Even with all the hype around AI, the technology has only begun penetrating the supply chain ecosystem. Inspectorio’s data shows that 23 percent of surveyed organizations have already integrated AI into their supply chain operations, while 77 percent still have yet to implement the systems.

Klein said supply chain seems to be lagging in comparison to other functions and industries.

“It’s almost like, in our industry, we’re late to the game, but we’re moving in the right direction,” Klein told Sourcing Journal.

Among the companies that have implemented AI into their supply chains, one in five said the key objective is data analysis and decision making. An additional 20 percent said the focus is on automation and efficiency. Other, less popular use cases include customer-focused technology, quality and control and traceability.

IT’S ALMOST LIKE, IN OUR INDUSTRY, WE’RE LATE TO THE GAME, BUT WE’RE MOVING IN THE RIGHT DIRECTION.”
David Klein, Inspectorio

Six in 10 respondents inside companies that have not implemented AI into their supply chains said the primary reason for the lag is that they lack AI-powered tools. Nearly 30 percent of leaders said they have yet to find compelling AI tools in the market. That could soon change, as companies continue to build new applications on top of foundational generative AI models and capabilities become increasingly specific.

Despite the low adoption rate for AI across the supply chain industry today, respondents showed enthusiasm for the future. Eight in 10 supply chain leaders said technological advancements—primarily AI and ML—will have a significant impact on the supply chain within the next five years.

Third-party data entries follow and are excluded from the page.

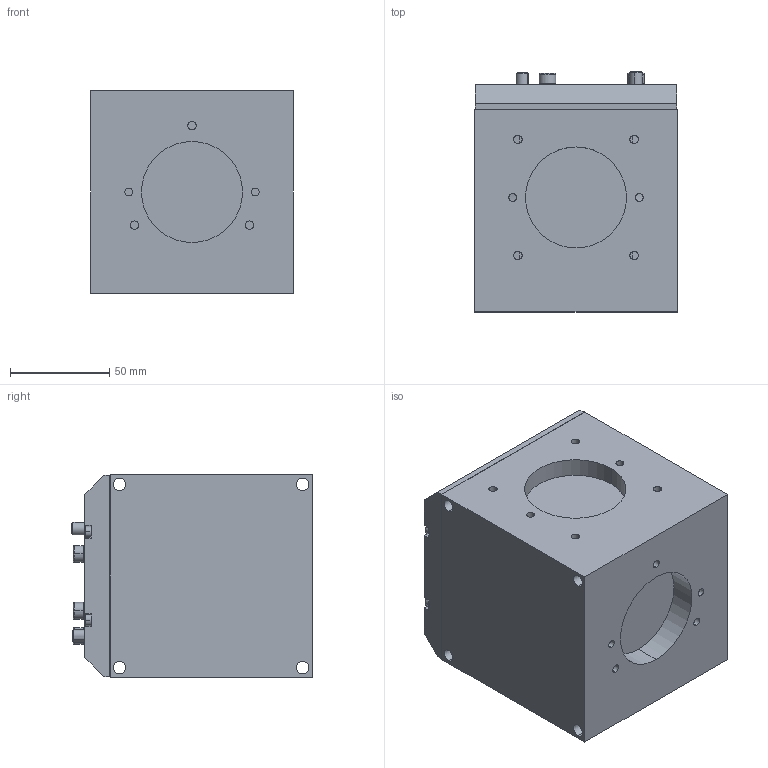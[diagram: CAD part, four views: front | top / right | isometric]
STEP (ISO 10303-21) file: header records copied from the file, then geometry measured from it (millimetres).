
FILE_DESCRIPTION (( 'STEP AP214' ), '1' );
FILE_NAME ('BSK-50-76064-N.STEP', '2017-04-18T14:24:28', ( '' ), ( '' ), 'SwSTEP 2.0', 'SolidWorks 2017', '' );
FILE_SCHEMA (( 'AUTOMOTIVE_DESIGN' ));
Length unit declared in the file: inch
Products named in the file (1): BSK-50-76064-N
Bounding box: 101.6 x 120.78 x 101.6 mm (x, y, z)
Volume: 1090072 mm3; surface area: 87882.7 mm2
Topology: 1 solids, 1 shells, 280 faces, 696 edges, 459 vertices
Faces by surface type: plane 129, cylinder 114, torus 20, bspline 9, cone 4, sphere 4
Entity records: 104801 total; most frequent: CARTESIAN_POINT 97903, DIRECTION 1453, ORIENTED_EDGE 1392, EDGE_CURVE 696, AXIS2_PLACEMENT_3D 541, VERTEX_POINT 459, LINE 371, VECTOR 371
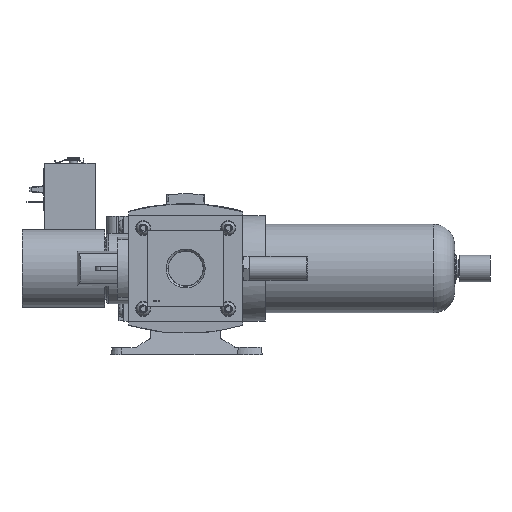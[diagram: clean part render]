
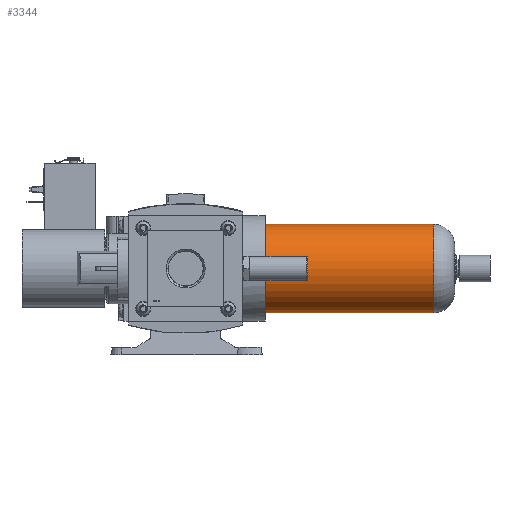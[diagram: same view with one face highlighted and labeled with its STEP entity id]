
A CAD part, left-side view. The second image highlights one B-rep face of the part: STEP entity #3344.
In plain terms, the highlighted cylindrical face has radius 31.75 mm (diameter 63.5 mm), a full revolution.
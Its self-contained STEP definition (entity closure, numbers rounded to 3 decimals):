
#3344 = ADVANCED_FACE( '', ( #7677, #7678 ), #7679, .T. );
#7677 = FACE_OUTER_BOUND( '', #13363, .T. );
#7678 = FACE_OUTER_BOUND( '', #13364, .T. );
#7679 = CYLINDRICAL_SURFACE( '', #13365, 31.75 );
#13363 = EDGE_LOOP( '', ( #22014 ) );
#13364 = EDGE_LOOP( '', ( #22015 ) );
#13365 = AXIS2_PLACEMENT_3D( '', #22016, #22017, #22018 );
#22014 = ORIENTED_EDGE( '', *, *, #34887, .F. );
#22015 = ORIENTED_EDGE( '', *, *, #34888, .T. );
#22016 = CARTESIAN_POINT( '', ( 0., -136.7, 0. ) );
#22017 = DIRECTION( '', ( 0., 1., 0. ) );
#22018 = DIRECTION( '', ( 0., 0., -1. ) );
#34887 = EDGE_CURVE( '', #42409, #42409, #42410, .T. );
#34888 = EDGE_CURVE( '', #42411, #42411, #42412, .T. );
#42409 = VERTEX_POINT( '', #52573 );
#42410 = CIRCLE( '', #52574, 31.75 );
#42411 = VERTEX_POINT( '', #52575 );
#42412 = CIRCLE( '', #52576, 31.75 );
#52573 = CARTESIAN_POINT( '', ( 0., -121.1, -31.75 ) );
#52574 = AXIS2_PLACEMENT_3D( '', #61748, #61749, #61750 );
#52575 = CARTESIAN_POINT( '', ( 0., 0., -31.75 ) );
#52576 = AXIS2_PLACEMENT_3D( '', #61751, #61752, #61753 );
#61748 = CARTESIAN_POINT( '', ( 0., -121.1, 0. ) );
#61749 = DIRECTION( '', ( 0., -1., 0. ) );
#61750 = DIRECTION( '', ( 0., 0., -1. ) );
#61751 = CARTESIAN_POINT( '', ( 0., 0., 0. ) );
#61752 = DIRECTION( '', ( 0., -1., 0. ) );
#61753 = DIRECTION( '', ( 0., 0., -1. ) );

Klein said he believes a great deal of potential in combining AI with other emerging solutions—particularly IoT technology—as companies’ digital transformation strategies further mature.

“When you have the right IoT technologies paired with the incredible advancements of AI in all of its shapes and forms, be [it] generative AI, be [it] computer vision and others, that’s where you start to unleash a very strong technological advancement in our space,” he said.